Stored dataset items
•••

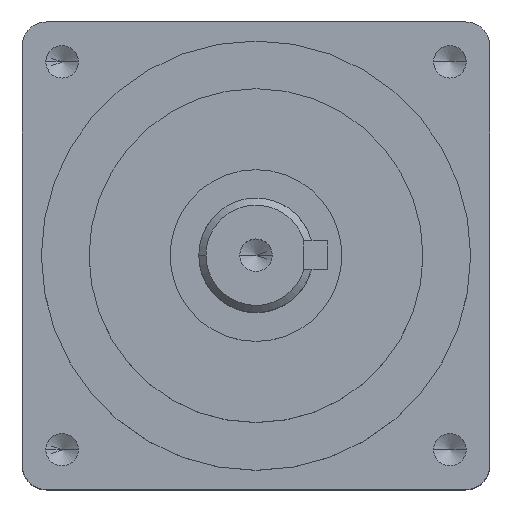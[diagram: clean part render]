
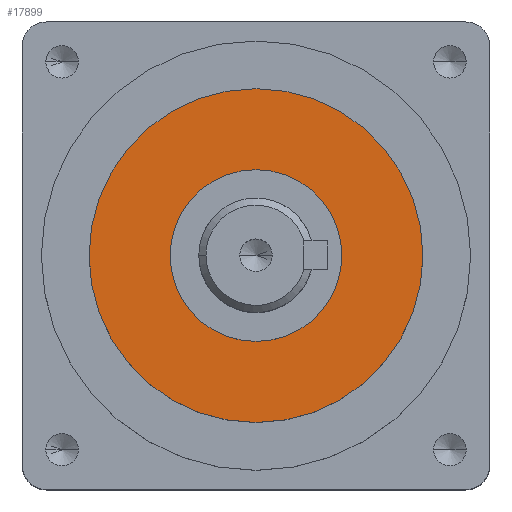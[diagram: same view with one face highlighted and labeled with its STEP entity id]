
A CAD part, top view. The second image highlights one B-rep face of the part: STEP entity #17899.
In plain terms, the highlighted planar face has unit normal (0, 0, 1).
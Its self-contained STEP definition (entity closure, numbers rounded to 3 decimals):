
#74 = CIRCLE ( 'NONE', #22876, 35. ) ;
#563 = ORIENTED_EDGE ( 'NONE', *, *, #29966, .T. ) ;
#1436 = DIRECTION ( 'NONE',  ( -1., 0., 0. ) ) ;
#3163 = CARTESIAN_POINT ( 'NONE',  ( 0., 0., 15. ) ) ;
#3912 = VERTEX_POINT ( 'NONE', #14125 ) ;
#4364 = CIRCLE ( 'NONE', #5026, 18. ) ;
#4564 = EDGE_LOOP ( 'NONE', ( #8108, #563 ) ) ;
#5026 = AXIS2_PLACEMENT_3D ( 'NONE', #31839, #16829, #1436 ) ;
#5587 = AXIS2_PLACEMENT_3D ( 'NONE', #10479, #28122, #12999 ) ;
#5754 = DIRECTION ( 'NONE',  ( -1., 0., 0. ) ) ;
#6189 = ORIENTED_EDGE ( 'NONE', *, *, #30820, .F. ) ;
#6376 = AXIS2_PLACEMENT_3D ( 'NONE', #7064, #24731, #9632 ) ;
#6803 = CARTESIAN_POINT ( 'NONE',  ( 18., 0., 15. ) ) ;
#7064 = CARTESIAN_POINT ( 'NONE',  ( 0., 0., 15. ) ) ;
#8108 = ORIENTED_EDGE ( 'NONE', *, *, #11399, .T. ) ;
#9632 = DIRECTION ( 'NONE',  ( -1., 0., 0. ) ) ;
#10479 = CARTESIAN_POINT ( 'NONE',  ( 0., 0., 15. ) ) ;
#10740 = DIRECTION ( 'NONE',  ( 0., 0., 1. ) ) ;
#11268 = CARTESIAN_POINT ( 'NONE',  ( 35., 0., 15. ) ) ;
#11399 = EDGE_CURVE ( 'NONE', #3912, #25579, #20274, .T. ) ;
#11940 = FACE_BOUND ( 'NONE', #4564, .T. ) ;
#12999 = DIRECTION ( 'NONE',  ( -1., 0., 0. ) ) ;
#14125 = CARTESIAN_POINT ( 'NONE',  ( -18., 0., 15. ) ) ;
#16829 = DIRECTION ( 'NONE',  ( 0., 0., -1. ) ) ;
#17899 = ADVANCED_FACE ( 'NONE', ( #11940, #18665 ), #28492, .T. ) ;
#18665 = FACE_OUTER_BOUND ( 'NONE', #21072, .T. ) ;
#20274 = CIRCLE ( 'NONE', #5587, 18. ) ;
#20999 = DIRECTION ( 'NONE',  ( 0., 0., -1. ) ) ;
#21072 = EDGE_LOOP ( 'NONE', ( #30933, #6189 ) ) ;
#22876 = AXIS2_PLACEMENT_3D ( 'NONE', #3163, #20999, #5754 ) ;
#23720 = CARTESIAN_POINT ( 'NONE',  ( -35., 0., 15. ) ) ;
#24083 = EDGE_CURVE ( 'NONE', #30699, #27593, #74, .T. ) ;
#24731 = DIRECTION ( 'NONE',  ( 0., 0., -1. ) ) ;
#25324 = CIRCLE ( 'NONE', #6376, 35. ) ;
#25579 = VERTEX_POINT ( 'NONE', #6803 ) ;
#25956 = CARTESIAN_POINT ( 'NONE',  ( 0., 0., 15. ) ) ;
#25967 = AXIS2_PLACEMENT_3D ( 'NONE', #25956, #10740, #30995 ) ;
#27593 = VERTEX_POINT ( 'NONE', #11268 ) ;
#28122 = DIRECTION ( 'NONE',  ( 0., 0., -1. ) ) ;
#28492 = PLANE ( 'NONE',  #25967 ) ;
#29966 = EDGE_CURVE ( 'NONE', #25579, #3912, #4364, .T. ) ;
#30699 = VERTEX_POINT ( 'NONE', #23720 ) ;
#30820 = EDGE_CURVE ( 'NONE', #27593, #30699, #25324, .T. ) ;
#30933 = ORIENTED_EDGE ( 'NONE', *, *, #24083, .F. ) ;
#30995 = DIRECTION ( 'NONE',  ( 1., 0., 0. ) ) ;
#31839 = CARTESIAN_POINT ( 'NONE',  ( 0., 0., 15. ) ) ;
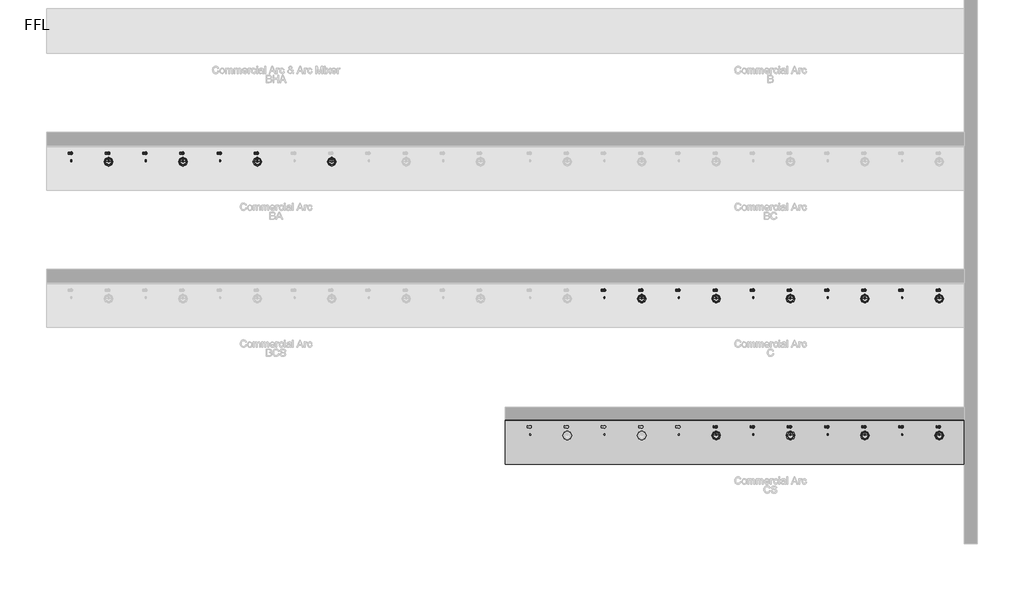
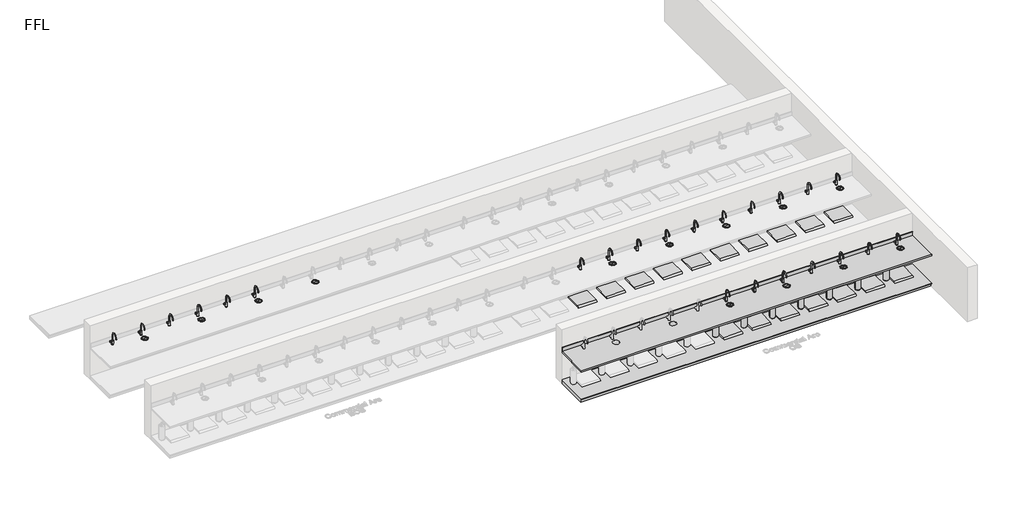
# One storey, part 3 of 10: 78 flow terminals, 2 furniture elements.
"""IFC4 building model written with IfcOpenShell, lengths in millimetres."""

from ifc_helpers import new_model, si_unit, frame, origin, place, context, project, spatial, polyline, circle_curve, transform, mapped, element, save
from ifc_brep_helpers import plane_surface, revolved_surface, advanced_brep
from components import flow_terminal_100_people_nickel_19c471c0, flow_terminal_100_people_matte_black_0dc622b1, bright_chrome_743c02cf, bright_chrome_7ff5033f, co2_gas_cylinder_20234e14, bcs_and_bc_6de74493, generic_plinth_900mm_24ad1541

model = new_model("IFC4")

# Units and contexts
model_context = context("Model", 3, world=origin())
ifc_project = project(units=[si_unit("LENGTHUNIT", "METRE", prefix="MILLI")], contexts=[model_context])

# Site, building, storey
site = spatial("IfcSite", under=ifc_project)
building = spatial("IfcBuilding", under=site)
storey = spatial("IfcBuildingStorey", under=building, Name="FFL", Elevation=0.0)

# Flow terminals
placement = place(None, origin())
flow_terminal_100_people_nickel_shape = flow_terminal_100_people_nickel_19c471c0(model_context)
element("IfcFlowTerminal", 1, ObjectType="PlumFixt_Zip Commercial_Arc_CS : 100 People - Bright Chrome", at=placement, inside=storey, context=model_context, shape_type="MappedRepresentation", body=[
    mapped(flow_terminal_100_people_nickel_shape, transform((11029.2647071, -3457.2606696, 0.0), x_axis=(1.0, 0.0, 0.0), y_axis=(0.0, 1.0, 0.0), z_axis=(0.0, 0.0, 1.0))),
])
element("IfcFlowTerminal", 2, ObjectType="PlumFixt_Zip Commercial_Arc_CS : 100 People - Gloss Black", at=placement, inside=storey, context=model_context, shape_type="MappedRepresentation", body=[
    mapped(flow_terminal_100_people_nickel_shape, transform((6529.2647071, -3457.2606696, 0.0), x_axis=(1.0, 0.0, 0.0), y_axis=(0.0, 1.0, 0.0), z_axis=(0.0, 0.0, 1.0))),
])
element("IfcFlowTerminal", 3, ObjectType="PlumFixt_Zip Commercial_Arc_C : 100 People - Gold", at=placement, inside=storey, context=model_context, shape_type="MappedRepresentation", body=[
    mapped(flow_terminal_100_people_nickel_shape, transform((7279.2647071, -697.2606696, 0.0), x_axis=(1.0, 0.0, 0.0), y_axis=(0.0, 1.0, 0.0), z_axis=(0.0, 0.0, 1.0))),
])
flow_terminal_100_people_matte_black_shape = flow_terminal_100_people_matte_black_0dc622b1(model_context)
element("IfcFlowTerminal", 4, ObjectType="PlumFixt_Zip Commercial_Arc_BA : 100 People - Gold", at=placement, inside=storey, context=model_context, shape_type="MappedRepresentation", body=[
    mapped(flow_terminal_100_people_matte_black_shape, transform((-1970.7352929, 2062.7393304, 0.0), x_axis=(1.0, 0.0, 0.0), y_axis=(0.0, 1.0, 0.0), z_axis=(0.0, 0.0, 1.0))),
])
element("IfcFlowTerminal", 5, ObjectType="PlumFixt_Zip Commercial_Arc_CS : 100 People - Gold", at=placement, inside=storey, context=model_context, shape_type="MappedRepresentation", body=[
    mapped(flow_terminal_100_people_nickel_shape, transform((7279.2647071, -3457.2606696, 0.0), x_axis=(1.0, 0.0, 0.0), y_axis=(0.0, 1.0, 0.0), z_axis=(0.0, 0.0, 1.0))),
])
element("IfcFlowTerminal", 6, ObjectType="PlumFixt_Zip Commercial_Arc_C : 100 People - Gunmetal", at=placement, inside=storey, context=model_context, shape_type="MappedRepresentation", body=[
    mapped(flow_terminal_100_people_nickel_shape, transform((8029.2647071, -697.2606696, 0.0), x_axis=(1.0, 0.0, 0.0), y_axis=(0.0, 1.0, 0.0), z_axis=(0.0, 0.0, 1.0))),
])
element("IfcFlowTerminal", 7, ObjectType="PlumFixt_Zip Commercial_Arc_CS : 100 People - Gunmetal", at=placement, inside=storey, context=model_context, shape_type="MappedRepresentation", body=[
    mapped(flow_terminal_100_people_nickel_shape, transform((8029.2647071, -3457.2606696, 0.0), x_axis=(1.0, 0.0, 0.0), y_axis=(0.0, 1.0, 0.0), z_axis=(0.0, 0.0, 1.0))),
])
element("IfcFlowTerminal", 8, ObjectType="PlumFixt_Zip Commercial_Arc_C : 100 People - Matte Black", at=placement, inside=storey, context=model_context, shape_type="MappedRepresentation", body=[
    mapped(flow_terminal_100_people_nickel_shape, transform((8779.2647071, -697.2606696, 0.0), x_axis=(1.0, 0.0, 0.0), y_axis=(0.0, 1.0, 0.0), z_axis=(0.0, 0.0, 1.0))),
])
element("IfcFlowTerminal", 9, ObjectType="PlumFixt_Zip Commercial_Arc_CS : 100 People - Matte Black", at=placement, inside=storey, context=model_context, shape_type="MappedRepresentation", body=[
    mapped(flow_terminal_100_people_nickel_shape, transform((8779.2647071, -3457.2606696, 0.0), x_axis=(1.0, 0.0, 0.0), y_axis=(0.0, 1.0, 0.0), z_axis=(0.0, 0.0, 1.0))),
])
element("IfcFlowTerminal", 10, ObjectType="PlumFixt_Zip Commercial_Arc_C : 100 People - Nickel", at=placement, inside=storey, context=model_context, shape_type="MappedRepresentation", body=[
    mapped(flow_terminal_100_people_nickel_shape, transform((9529.2647071, -697.2606696, 0.0), x_axis=(1.0, 0.0, 0.0), y_axis=(0.0, 1.0, 0.0), z_axis=(0.0, 0.0, 1.0))),
])
element("IfcFlowTerminal", 11, ObjectType="PlumFixt_Zip Commercial_Arc_CS : 100 People - Nickel", at=placement, inside=storey, context=model_context, shape_type="MappedRepresentation", body=[
    mapped(flow_terminal_100_people_nickel_shape, transform((9529.2647071, -3457.2606696, 0.0), x_axis=(1.0, 0.0, 0.0), y_axis=(0.0, 1.0, 0.0), z_axis=(0.0, 0.0, 1.0))),
])
element("IfcFlowTerminal", 12, ObjectType="PlumFixt_Zip Commercial_Arc_C : 100 People - Platinum", at=placement, inside=storey, context=model_context, shape_type="MappedRepresentation", body=[
    mapped(flow_terminal_100_people_nickel_shape, transform((10279.2647071, -697.2606696, 0.0), x_axis=(1.0, 0.0, 0.0), y_axis=(0.0, 1.0, 0.0), z_axis=(0.0, 0.0, 1.0))),
])
element("IfcFlowTerminal", 13, ObjectType="PlumFixt_Zip Commercial_Arc_CS : 100 People - Platinum", at=placement, inside=storey, context=model_context, shape_type="MappedRepresentation", body=[
    mapped(flow_terminal_100_people_nickel_shape, transform((10279.2647071, -3457.2606696, 0.0), x_axis=(1.0, 0.0, 0.0), y_axis=(0.0, 1.0, 0.0), z_axis=(0.0, 0.0, 1.0))),
])
element("IfcFlowTerminal", 14, ObjectType="PlumFixt_Zip Commercial_Arc_C : 100 People - Rose Gold", at=placement, inside=storey, context=model_context, shape_type="MappedRepresentation", body=[
    mapped(flow_terminal_100_people_nickel_shape, transform((11029.2647071, -697.2606696, 0.0), x_axis=(1.0, 0.0, 0.0), y_axis=(0.0, 1.0, 0.0), z_axis=(0.0, 0.0, 1.0))),
])
element("IfcFlowTerminal", 15, ObjectType="PlumFixt_Zip Commercial_Arc_C : 40 People - Brushed Nickel", at=placement, inside=storey, context=model_context, shape_type="MappedRepresentation", body=[
    mapped(flow_terminal_100_people_nickel_shape, transform((4279.2647071, -697.2606696, 0.0), x_axis=(1.0, 0.0, 0.0), y_axis=(0.0, 1.0, 0.0), z_axis=(0.0, 0.0, 1.0))),
])
element("IfcFlowTerminal", 16, ObjectType="PlumFixt_Zip Commercial_Arc_C : 40 People - Brushed Rose Gold", at=placement, inside=storey, context=model_context, shape_type="MappedRepresentation", body=[
    mapped(flow_terminal_100_people_nickel_shape, transform((5029.2647071, -697.2606696, 0.0), x_axis=(1.0, 0.0, 0.0), y_axis=(0.0, 1.0, 0.0), z_axis=(0.0, 0.0, 1.0))),
])
element("IfcFlowTerminal", 17, ObjectType="PlumFixt_Zip Commercial_Arc_C : 40 People - Brushed Rose Gold", at=placement, inside=storey, context=model_context, shape_type="MappedRepresentation", body=[
    mapped(flow_terminal_100_people_nickel_shape, transform((5779.2647071, -697.2606696, 0.0), x_axis=(1.0, 0.0, 0.0), y_axis=(0.0, 1.0, 0.0), z_axis=(0.0, 0.0, 1.0))),
])
element("IfcFlowTerminal", 18, ObjectType="PlumFixt_Zip Commercial_Arc_C : 40 People - Gloss Black", at=placement, inside=storey, context=model_context, shape_type="MappedRepresentation", body=[
    mapped(flow_terminal_100_people_nickel_shape, transform((6529.2647071, -697.2606696, 0.0), x_axis=(1.0, 0.0, 0.0), y_axis=(0.0, 1.0, 0.0), z_axis=(0.0, 0.0, 1.0))),
])
bright_chrome_shape = bright_chrome_743c02cf(model_context)
element("IfcFlowTerminal", 19, ObjectType="z_PlumFixt_Zip_Font : Bright Chrome", at=placement, inside=storey, context=model_context, shape_type="MappedRepresentation", body=[
    mapped(bright_chrome_shape, transform((-5720.7352929, 1991.2393304, 900.0), x_axis=(1.0000000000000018, 0.0, 0.0), y_axis=(0.0, 1.0000000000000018, 0.0), z_axis=(0.0, 0.0, 1.0))),
])
element("IfcFlowTerminal", 20, ObjectType="z_PlumFixt_Zip_Font : Bright Chrome", at=placement, inside=storey, context=model_context, shape_type="MappedRepresentation", body=[
    mapped(bright_chrome_shape, transform((-4220.7352929, 1991.2393304, 900.0), x_axis=(1.0000000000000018, 0.0, 0.0), y_axis=(0.0, 1.0000000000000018, 0.0), z_axis=(0.0, 0.0, 1.0))),
])
element("IfcFlowTerminal", 21, ObjectType="z_PlumFixt_Zip_Font : Bright Chrome", at=placement, inside=storey, context=model_context, shape_type="MappedRepresentation", body=[
    mapped(bright_chrome_shape, transform((-2720.7352929, 1991.2393304, 900.0), x_axis=(1.0000000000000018, 0.0, 0.0), y_axis=(0.0, 1.0000000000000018, 0.0), z_axis=(0.0, 0.0, 1.0))),
])
element("IfcFlowTerminal", 22, ObjectType="z_PlumFixt_Zip_Font : Bright Chrome", at=placement, inside=storey, context=model_context, shape_type="MappedRepresentation", body=[
    mapped(bright_chrome_shape, transform((-1220.7352929, 1991.2393304, 900.0), x_axis=(1.0000000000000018, 0.0, 0.0), y_axis=(0.0, 1.0000000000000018, 0.0), z_axis=(0.0, 0.0, 1.0))),
])
element("IfcFlowTerminal", 23, ObjectType="z_PlumFixt_Zip_Font : Bright Chrome", at=placement, inside=storey, context=model_context, shape_type="MappedRepresentation", body=[
    mapped(bright_chrome_shape, transform((6529.2647071, -3528.7606696, 900.0), x_axis=(1.0000000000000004, 0.0, 0.0), y_axis=(0.0, 1.0000000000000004, 0.0), z_axis=(0.0, 0.0, 1.0))),
])
element("IfcFlowTerminal", 24, ObjectType="z_PlumFixt_Zip_Font : Bright Chrome", at=placement, inside=storey, context=model_context, shape_type="MappedRepresentation", body=[
    mapped(bright_chrome_shape, transform((8029.2647071, -3528.7606696, 900.0), x_axis=(1.0000000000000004, 0.0, 0.0), y_axis=(0.0, 1.0000000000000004, 0.0), z_axis=(0.0, 0.0, 1.0))),
])
element("IfcFlowTerminal", 25, ObjectType="z_PlumFixt_Zip_Font : Bright Chrome", at=placement, inside=storey, context=model_context, shape_type="MappedRepresentation", body=[
    mapped(bright_chrome_shape, transform((9529.2647071, -3528.7606696, 900.0), x_axis=(1.0000000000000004, 0.0, 0.0), y_axis=(0.0, 1.0000000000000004, 0.0), z_axis=(0.0, 0.0, 1.0))),
])
element("IfcFlowTerminal", 26, ObjectType="z_PlumFixt_Zip_Font : Bright Chrome", at=placement, inside=storey, context=model_context, shape_type="MappedRepresentation", body=[
    mapped(bright_chrome_shape, transform((11029.2647071, -3528.7606696, 900.0), x_axis=(1.0000000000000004, 0.0, 0.0), y_axis=(0.0, 1.0000000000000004, 0.0), z_axis=(0.0, 0.0, 1.0))),
])
element("IfcFlowTerminal", 27, ObjectType="z_PlumFixt_Zip_Font : Bright Chrome", at=placement, inside=storey, context=model_context, shape_type="MappedRepresentation", body=[
    mapped(bright_chrome_shape, transform((5029.2647071, -768.7606696, 900.0), x_axis=(1.0000000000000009, 0.0, 0.0), y_axis=(0.0, 1.0000000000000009, 0.0), z_axis=(0.0, 0.0, 1.0))),
])
element("IfcFlowTerminal", 28, ObjectType="z_PlumFixt_Zip_Font : Bright Chrome", at=placement, inside=storey, context=model_context, shape_type="MappedRepresentation", body=[
    mapped(bright_chrome_shape, transform((6529.2647071, -768.7606696, 900.0), x_axis=(1.0000000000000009, 0.0, 0.0), y_axis=(0.0, 1.0000000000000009, 0.0), z_axis=(0.0, 0.0, 1.0))),
])
element("IfcFlowTerminal", 29, ObjectType="z_PlumFixt_Zip_Font : Bright Chrome", at=placement, inside=storey, context=model_context, shape_type="MappedRepresentation", body=[
    mapped(bright_chrome_shape, transform((8029.2647071, -768.7606696, 900.0), x_axis=(1.0000000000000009, 0.0, 0.0), y_axis=(0.0, 1.0000000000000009, 0.0), z_axis=(0.0, 0.0, 1.0))),
])
element("IfcFlowTerminal", 30, ObjectType="z_PlumFixt_Zip_Font : Bright Chrome", at=placement, inside=storey, context=model_context, shape_type="MappedRepresentation", body=[
    mapped(bright_chrome_shape, transform((9529.2647071, -768.7606696, 900.0), x_axis=(1.0000000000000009, 0.0, 0.0), y_axis=(0.0, 1.0000000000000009, 0.0), z_axis=(0.0, 0.0, 1.0))),
])
element("IfcFlowTerminal", 31, ObjectType="z_PlumFixt_Zip_Font : Bright Chrome", at=placement, inside=storey, context=model_context, shape_type="MappedRepresentation", body=[
    mapped(bright_chrome_shape, transform((11029.2647071, -768.7606696, 900.0), x_axis=(1.0000000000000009, 0.0, 0.0), y_axis=(0.0, 1.0000000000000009, 0.0), z_axis=(0.0, 0.0, 1.0))),
])
bright_chrome_2_shape = bright_chrome_7ff5033f(model_context)
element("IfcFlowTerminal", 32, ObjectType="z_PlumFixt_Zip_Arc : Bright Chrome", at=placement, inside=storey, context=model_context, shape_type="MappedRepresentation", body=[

•••

About this task ::
The lines above starting at the one that contains "#7064 = CARTESIAN_POINT" and ending at the one that contains "#22876 = AXIS2_PLACEMENT_3D" must be transcribed exactly, and no other lines may appear.

Solution to the problem ::
#7064 = CARTESIAN_POINT ( 'NONE',  ( 0., 0., 15. ) ) ;
#8108 = ORIENTED_EDGE ( 'NONE', *, *, #11399, .T. ) ;
#9632 = DIRECTION ( 'NONE',  ( -1., 0., 0. ) ) ;
#10479 = CARTESIAN_POINT ( 'NONE',  ( 0., 0., 15. ) ) ;
#10740 = DIRECTION ( 'NONE',  ( 0., 0., 1. ) ) ;
#11268 = CARTESIAN_POINT ( 'NONE',  ( 35., 0., 15. ) ) ;
#11399 = EDGE_CURVE ( 'NONE', #3912, #25579, #20274, .T. ) ;
#11940 = FACE_BOUND ( 'NONE', #4564, .T. ) ;
#12999 = DIRECTION ( 'NONE',  ( -1., 0., 0. ) ) ;
#14125 = CARTESIAN_POINT ( 'NONE',  ( -18., 0., 15. ) ) ;
#16829 = DIRECTION ( 'NONE',  ( 0., 0., -1. ) ) ;
#17899 = ADVANCED_FACE ( 'NONE', ( #11940, #18665 ), #28492, .T. ) ;
#18665 = FACE_OUTER_BOUND ( 'NONE', #21072, .T. ) ;
#20274 = CIRCLE ( 'NONE', #5587, 18. ) ;
#20999 = DIRECTION ( 'NONE',  ( 0., 0., -1. ) ) ;
#21072 = EDGE_LOOP ( 'NONE', ( #30933, #6189 ) ) ;
#22876 = AXIS2_PLACEMENT_3D ( 'NONE', #3163, #20999, #5754 ) ;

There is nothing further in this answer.